- Exercise -
Exactly as written, print the lines from the top of the listing through the line containing "msp = doc.modelspace()"; include no pictures.

- Data -

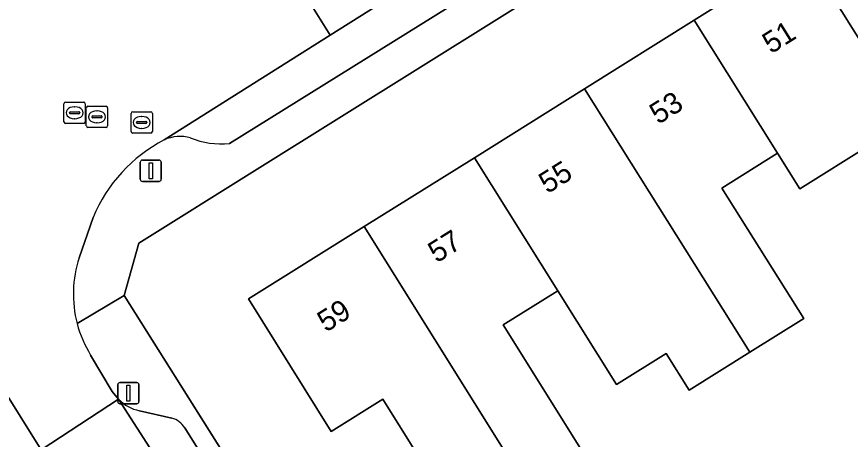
# Model space of a CAD drawing. Extents: x 159352 to 160617, y 385888 to 387323.
# Drawn here: x 159671.45 to 159710.67, y 386028.96 to 386048.83 of the extents above; entities that cross this region are included whole.
import ezdxf

# ---------------------------------------------------------------- set-up
doc = ezdxf.new("R2010")
doc.units = 0
for name, color, linetype in [('IMGEO_Erf', 7, 'Continuous'), ('IMGEO_Kolk', 7, 'Continuous'), ('IMGEO_Lichtmast', 7, 'Continuous'), ('IMGEO_Muur', 7, 'Continuous'), ('IMGEO_Pand', 7, 'Continuous'), ('IMGEO_Pand_nummerreeks', 7, 'Continuous'), ('IMGEO_Parkeervlak_open', 7, 'Continuous'), ('IMGEO_Rijbaan_lokaal_open', 7, 'Continuous'), ('IMGEO_Rioolput', 7, 'Continuous'), ('IMGEO_Voetpad_open', 7, 'Continuous')]:
    doc.layers.add(name, color=color, linetype=linetype)

msp = doc.modelspace()

# ---------------------------------------------------------------- linework, layer by layer
at = {"layer": 'IMGEO_Erf'}
msp.add_lwpolyline([(159733.186, 386035.211), (159730.405, 386039.383), (159739.998, 386045.377), (159726.053, 386067.427), (159724.652, 386067.823), (159682.76, 386041.661), (159677.195, 386038.177), (159676.499, 386035.726), (159692.861, 386009.756), (159693.588, 386010.224), (159695.905, 386011.714), (159692.99, 386016.431), (159699.422, 386020.406), (159702.337, 386015.688), (159707.722, 386019.015), (159705.988, 386021.823), (159710.701, 386024.734), (159712.435, 386021.927)], close=True, dxfattribs=at)
for points in [[(159692.572, 386024.604), (159688.668, 386030.843), (159686.251, 386029.331), (159682.354, 386035.559), (159687.801, 386038.964), (159692.982, 386042.203), (159698.161, 386045.441), (159703.328, 386048.671), (159708.502, 386051.905), (159713.682, 386055.143)], [(159711.6, 386042.813), (159708.294, 386040.745), (159707.246, 386042.417), (159704.617, 386040.772), (159708.473, 386034.64), (159705.947, 386033.06), (159703.085, 386031.27), (159701.997, 386033), (159699.669, 386031.543), (159696.906, 386035.948), (159694.342, 386034.344), (159698.765, 386027.275)]]:
    msp.add_lwpolyline(points, dxfattribs=at)
at = {"layer": 'IMGEO_Kolk'}
for p, q in [((159673.674, 386043.887), (159673.674, 386044.739)), ((159673.749, 386044.813), (159674.601, 386044.813)), ((159674.162, 386044.593), (159674.187, 386044.593)), ((159674.675, 386044.739), (159674.675, 386043.887)), ((159673.933, 386044.307), (159673.933, 386044.319)), ((159674.371, 386044.27), (159673.973, 386044.27)), ((159673.976, 386044.356), (159674.374, 386044.356)), ((159674.417, 386044.319), (159674.417, 386044.307)), ((159674.601, 386043.813), (159673.749, 386043.813)), ((159674.185, 386044.033), (159674.16, 386044.033))]:
    msp.add_line(p, q, dxfattribs=at)
for points in [[(159673.674, 386043.887), (159673.674, 386044.739)], [(159673.749, 386044.813), (159674.601, 386044.813)], [(159674.675, 386044.739), (159674.675, 386043.887)], [(159674.601, 386043.813), (159673.749, 386043.813)]]:
    msp.add_lwpolyline(points, dxfattribs=at)
for centre, radius, start, end in [((159673.751, 386044.737), 0.0765, 91.552, 178.448), ((159673.751, 386044.737), 0.0765, 91.552, 178.448), ((159674.599, 386044.737), 0.0765, 1.552, 88.448), ((159674.599, 386044.737), 0.0765, 1.552, 88.448), ((159673.973, 386044.316), 0.0403, 85.8775, 175.7526), ((159673.97, 386044.306), 0.0366, 178.938, 274.7102), ((159674.374, 386044.313), 0.043, 264.8664, 352.4533), ((159674.378, 386044.318), 0.0386, 1.7309, 96.639), ((159673.751, 386043.889), 0.0765, 181.552, 268.448), ((159673.751, 386043.889), 0.0765, 181.552, 268.448), ((159674.599, 386043.889), 0.0765, 271.552, 358.448), ((159674.599, 386043.889), 0.0765, 271.552, 358.448)]:
    msp.add_arc(centre, radius, start, end, dxfattribs=at)
for centre, major_axis, ratio, start_param, end_param in [((159674.161, 386044.313), (-0.387, 0.002), 0.722429, 4.712389, 7.853982), ((159674.186, 386044.313), (-0.39, 0.002), 0.717154, 1.570796, 4.712389)]:
    msp.add_ellipse(centre, major_axis=major_axis, ratio=ratio, start_param=start_param, end_param=end_param, dxfattribs=at)
at = {"layer": 'IMGEO_Lichtmast'}
for p, q in [((159677.262, 386041.187), (159677.262, 386041.987)), ((159677.262, 386041.987), (159677.262, 386041.187)), ((159677.362, 386042.087), (159678.152, 386042.087)), ((159678.152, 386042.087), (159677.362, 386042.087)), ((159678.252, 386041.987), (159678.252, 386041.187)), ((159678.252, 386041.187), (159678.252, 386041.987)), ((159678.152, 386041.087), (159677.362, 386041.087)), ((159677.362, 386041.087), (159678.152, 386041.087)), ((159676.307, 386031.632), (159677.097, 386031.632)), ((159677.097, 386031.632), (159676.307, 386031.632)), ((159676.207, 386030.732), (159676.207, 386031.532)), ((159676.207, 386031.532), (159676.207, 386030.732)), ((159677.197, 386031.532), (159677.197, 386030.732)), ((159677.197, 386030.732), (159677.197, 386031.532)), ((159677.097, 386030.632), (159676.307, 386030.632)), ((159676.307, 386030.632), (159677.097, 386030.632))]:
    msp.add_line(p, q, dxfattribs=at)
for points in [[(159677.682, 386041.962), (159677.832, 386041.962), (159677.832, 386041.212), (159677.682, 386041.212), (159677.682, 386041.962)], [(159676.627, 386031.507), (159676.777, 386031.507), (159676.777, 386030.757), (159676.627, 386030.757), (159676.627, 386031.507)]]:
    msp.add_lwpolyline(points, dxfattribs=at)
for centre, start, end in [((159677.362, 386041.987), 90, 180), ((159677.362, 386041.987), 90, 180), ((159678.152, 386041.987), 0, 90), ((159678.152, 386041.987), 360, 90), ((159677.362, 386041.187), 180, 270), ((159677.362, 386041.187), 180, 270), ((159678.152, 386041.187), 270, 0), ((159678.152, 386041.187), 270, 0), ((159676.307, 386031.532), 90, 180), ((159676.307, 386031.532), 90, 180), ((159677.097, 386031.532), 0, 90), ((159677.097, 386031.532), 360, 90), ((159676.307, 386030.732), 180, 270), ((159676.307, 386030.732), 180, 270), ((159677.097, 386030.732), 270, 0), ((159677.097, 386030.732), 270, 0)]:
    msp.add_arc(centre, 0.1, start, end, dxfattribs=at)
at = {"layer": 'IMGEO_Muur'}
msp.add_lwpolyline([(159676.499, 386035.726), (159692.838, 386009.794)], dxfattribs=at)
at = {"layer": 'IMGEO_Pand'}
for points in [[(159713.682, 386055.143), (159708.502, 386051.905), (159713.466, 386043.98), (159713.984, 386043.152), (159713.74, 386042.999), (159715.63, 386039.982), (159717.73, 386041.298), (159715.841, 386044.315), (159719.171, 386046.4)], [(159708.502, 386051.905), (159703.328, 386048.671), (159707.246, 386042.417), (159708.294, 386040.745), (159711.6, 386042.813), (159715.372, 386036.791), (159716.992, 386037.806), (159715.63, 386039.982), (159713.74, 386042.999), (159713.984, 386043.152), (159713.466, 386043.98)], [(159703.328, 386048.671), (159698.161, 386045.441), (159705.947, 386033.06), (159708.473, 386034.64), (159704.617, 386040.772), (159707.246, 386042.417)], [(159696.906, 386035.948), (159699.669, 386031.543), (159701.997, 386033), (159703.085, 386031.27), (159705.947, 386033.06), (159698.161, 386045.441), (159692.982, 386042.203)], [(159692.982, 386042.203), (159687.801, 386038.964), (159696.144, 386025.636), (159698.765, 386027.275), (159694.342, 386034.344), (159696.906, 386035.948)], [(159687.801, 386038.964), (159682.354, 386035.559), (159686.251, 386029.331), (159688.668, 386030.843), (159692.572, 386024.604), (159695.412, 386026.381), (159695.953, 386025.516), (159696.144, 386025.636)]]:
    msp.add_lwpolyline(points, close=True, dxfattribs=at)
at = {"layer": 'IMGEO_Parkeervlak_open'}
for points in [[(159717.543, 386067.695), (159686.194, 386047.956), (159678.382, 386043.037)], [(159681.467, 386042.865), (159702.746, 386056.105), (159715.811, 386064.272)], [(159676.243, 386030.847), (159688.08, 386012.469)], [(159678.751, 386029.956), (159677.22, 386030.307)], [(159688.07, 386015.556), (159679.356, 386029.499)]]:
    msp.add_lwpolyline(points, dxfattribs=at)
for centre, radius, start, end in [((159679.137, 386041.369), 1.831, 74.7207, 114.3387), ((159681.107, 386046.862), 4.013, 248.2307, 275.1446), ((159677.576, 386032.105), 1.832, 223.336, 258.8041), ((159678.504, 386029), 0.987, 30.3488, 75.5185)]:
    msp.add_arc(centre, radius, start, end, dxfattribs=at)
at = {"layer": 'IMGEO_Rijbaan_lokaal_open'}
for points in [[(159684.747, 386051.268), (159684.308, 386050.988), (159686.194, 386047.956), (159717.543, 386067.695), (159717.747, 386067.827), (159715.89, 386070.74), (159715.668, 386070.601)], [(159729.606, 385937.026), (159733.392, 385939.433), (159733.253, 385939.657), (159690.064, 386009.27), (159688.08, 386012.469), (159676.243, 386030.847), (159672.6, 386028.467), (159676.012, 386023.063), (159685.883, 386007.217), (159686.951, 386005.519), (159689.128, 386002.021), (159729.51, 385937.17)]]:
    msp.add_lwpolyline(points, close=True, dxfattribs=at)
for points in [[(159678.382, 386043.037), (159686.194, 386047.956), (159684.308, 386050.988), (159683.792, 386050.662), (159682.262, 386049.724)], [(159674.391, 386037.496), (159675.043, 386039.396)], [(159670.612, 386031.633), (159672.6, 386028.467), (159676.243, 386030.847), (159675.949, 386031.202), (159674.928, 386032.924)]]:
    msp.add_lwpolyline(points, dxfattribs=at)
for centre, radius, start, end in [((159681.753, 386036.594), 7.271, 117.6176, 157.3373), ((159679.567, 386035.786), 5.451, 161.7188, 194.6875), ((159679.547, 386035.779), 5.43, 194.6635, 211.715)]:
    msp.add_arc(centre, radius, start, end, dxfattribs=at)
at = {"layer": 'IMGEO_Rioolput'}
for p, q in [((159674.726, 386043.696), (159674.726, 386044.548)), ((159674.801, 386044.622), (159675.653, 386044.622)), ((159675.727, 386044.548), (159675.727, 386043.696)), ((159674.985, 386044.116), (159674.985, 386044.128)), ((159675.028, 386044.165), (159675.426, 386044.165)), ((159675.214, 386044.402), (159675.239, 386044.402)), ((159675.469, 386044.128), (159675.469, 386044.116)), ((159676.831, 386043.433), (159676.831, 386044.285)), ((159676.906, 386044.359), (159677.758, 386044.359)), ((159677.319, 386044.139), (159677.344, 386044.139)), ((159677.832, 386044.285), (159677.832, 386043.433)), ((159675.423, 386044.079), (159675.025, 386044.079)), ((159675.237, 386043.842), (159675.212, 386043.842)), ((159677.09, 386043.853), (159677.09, 386043.865)), ((159677.528, 386043.816), (159677.13, 386043.816)), ((159677.133, 386043.902), (159677.531, 386043.902)), ((159677.574, 386043.865), (159677.574, 386043.853)), ((159675.653, 386043.622), (159674.801, 386043.622)), ((159677.758, 386043.359), (159676.906, 386043.359)), ((159677.342, 386043.579), (159677.317, 386043.579))]:
    msp.add_line(p, q, dxfattribs=at)
for points in [[(159674.726, 386043.696), (159674.726, 386044.548)], [(159674.801, 386044.622), (159675.653, 386044.622)], [(159675.727, 386044.548), (159675.727, 386043.696)], [(159676.831, 386043.433), (159676.831, 386044.285)], [(159676.906, 386044.359), (159677.758, 386044.359)], [(159677.832, 386044.285), (159677.832, 386043.433)], [(159675.653, 386043.622), (159674.801, 386043.622)], [(159677.758, 386043.359), (159676.906, 386043.359)]]:
    msp.add_lwpolyline(points, dxfattribs=at)
for centre, radius, start, end in [((159674.803, 386044.546), 0.0765, 91.552, 178.448), ((159674.803, 386044.546), 0.0765, 91.552, 178.448), ((159675.651, 386044.546), 0.0765, 1.552, 88.448), ((159675.651, 386044.546), 0.0765, 1.552, 88.448), ((159675.025, 386044.125), 0.0403, 85.8775, 175.7526), ((159675.022, 386044.115), 0.0366, 178.938, 274.7102), ((159675.426, 386044.122), 0.043, 264.8664, 352.4533), ((159675.43, 386044.127), 0.0386, 1.7309, 96.639), ((159676.908, 386044.283), 0.0765, 91.552, 178.448), ((159676.908, 386044.283), 0.0765, 91.552, 178.448), ((159677.756, 386044.283), 0.0765, 1.552, 88.448), ((159677.756, 386044.283), 0.0765, 1.552, 88.448), ((159677.13, 386043.862), 0.0403, 85.8775, 175.7526), ((159677.127, 386043.852), 0.0366, 178.938, 274.7102), ((159677.531, 386043.859), 0.043, 264.8664, 352.4533), ((159677.535, 386043.864), 0.0386, 1.7309, 96.639), ((159674.803, 386043.698), 0.0765, 181.552, 268.448), ((159674.803, 386043.698), 0.0765, 181.552, 268.448), ((159675.651, 386043.698), 0.0765, 271.552, 358.448), ((159675.651, 386043.698), 0.0765, 271.552, 358.448), ((159676.908, 386043.435), 0.0765, 181.552, 268.448), ((159676.908, 386043.435), 0.0765, 181.552, 268.448), ((159677.756, 386043.435), 0.0765, 271.552, 358.448), ((159677.756, 386043.435), 0.0765, 271.552, 358.448)]:
    msp.add_arc(centre, radius, start, end, dxfattribs=at)
for centre, major_axis, ratio, start_param, end_param in [((159675.213, 386044.122), (-0.387, 0.002), 0.722429, 4.712389, 7.853982), ((159675.238, 386044.122), (-0.39, 0.002), 0.717154, 1.570796, 4.712389), ((159677.318, 386043.859), (-0.387, 0.002), 0.722429, 4.712389, 7.853982), ((159677.343, 386043.859), (-0.39, 0.002), 0.717154, 1.570796, 4.712389)]:
    msp.add_ellipse(centre, major_axis=major_axis, ratio=ratio, start_param=start_param, end_param=end_param, dxfattribs=at)
at = {"layer": 'IMGEO_Voetpad_open'}
for points in [[(159674.294, 386034.404), (159676.499, 386035.726), (159677.195, 386038.177), (159682.76, 386041.661), (159724.652, 386067.823)], [(159715.811, 386064.272), (159702.746, 386056.105), (159681.467, 386042.865)], [(159675.043, 386039.396), (159674.391, 386037.496)], [(159676.499, 386035.726), (159674.294, 386034.404)], [(159733.253, 385939.657), (159733.392, 385939.433), (159733.652, 385939.014), (159736.793, 385940.979), (159724.622, 385960.426), (159722.539, 385963.769), (159695.653, 386006.911), (159694.532, 386008.709), (159693.588, 386010.224), (159692.861, 386009.756), (159676.499, 386035.726)], [(159674.928, 386032.924), (159675.949, 386031.202), (159676.243, 386030.847)], [(159689.128, 386002.021), (159688.743, 386001.782), (159686.576, 386005.278), (159686.951, 386005.519), (159685.883, 386007.217), (159685.522, 386006.976), (159675.629, 386022.83), (159676.012, 386023.063), (159672.6, 386028.467), (159670.612, 386031.633)], [(159677.22, 386030.307), (159678.751, 386029.956)], [(159679.356, 386029.499), (159688.07, 386015.556)]]:
    msp.add_lwpolyline(points, dxfattribs=at)
for centre, radius, start, end in [((159681.753, 386036.594), 7.271, 117.6176, 157.3373), ((159679.137, 386041.369), 1.831, 74.7207, 114.3387), ((159681.107, 386046.862), 4.013, 248.2307, 275.1446), ((159679.567, 386035.786), 5.451, 161.7188, 194.6875), ((159679.547, 386035.779), 5.43, 194.6635, 211.715), ((159677.576, 386032.105), 1.832, 223.336, 258.8041), ((159678.504, 386029), 0.987, 30.3488, 75.5185)]:
    msp.add_arc(centre, radius, start, end, dxfattribs=at)

# ---------------------------------------------------------------- texts
at = {"layer": 'IMGEO_Pand_nummerreeks'}
for s, p in [('51', (159706.935, 386047.058)), ('53', (159701.629, 386043.741)), ('55', (159696.419, 386040.483)), ('57', (159691.208, 386037.226)), ('59', (159685.998, 386033.969))]:
    msp.add_text(s, height=1, rotation=32.0112, dxfattribs=at).set_placement(p)

doc.saveas('drawing.dxf')

- Reply to the exercise -
# Model space of a CAD drawing. Extents: x 159352 to 160617, y 385888 to 387323.
# Drawn here: x 159671.45 to 159710.67, y 386028.96 to 386048.83 of the extents above; entities that cross this region are included whole.
import ezdxf

# ---------------------------------------------------------------- set-up
doc = ezdxf.new("R2010")
doc.units = 0
for name, color, linetype in [('IMGEO_Erf', 7, 'Continuous'), ('IMGEO_Kolk', 7, 'Continuous'), ('IMGEO_Lichtmast', 7, 'Continuous'), ('IMGEO_Muur', 7, 'Continuous'), ('IMGEO_Pand', 7, 'Continuous'), ('IMGEO_Pand_nummerreeks', 7, 'Continuous'), ('IMGEO_Parkeervlak_open', 7, 'Continuous'), ('IMGEO_Rijbaan_lokaal_open', 7, 'Continuous'), ('IMGEO_Rioolput', 7, 'Continuous'), ('IMGEO_Voetpad_open', 7, 'Continuous')]:
    doc.layers.add(name, color=color, linetype=linetype)

msp = doc.modelspace()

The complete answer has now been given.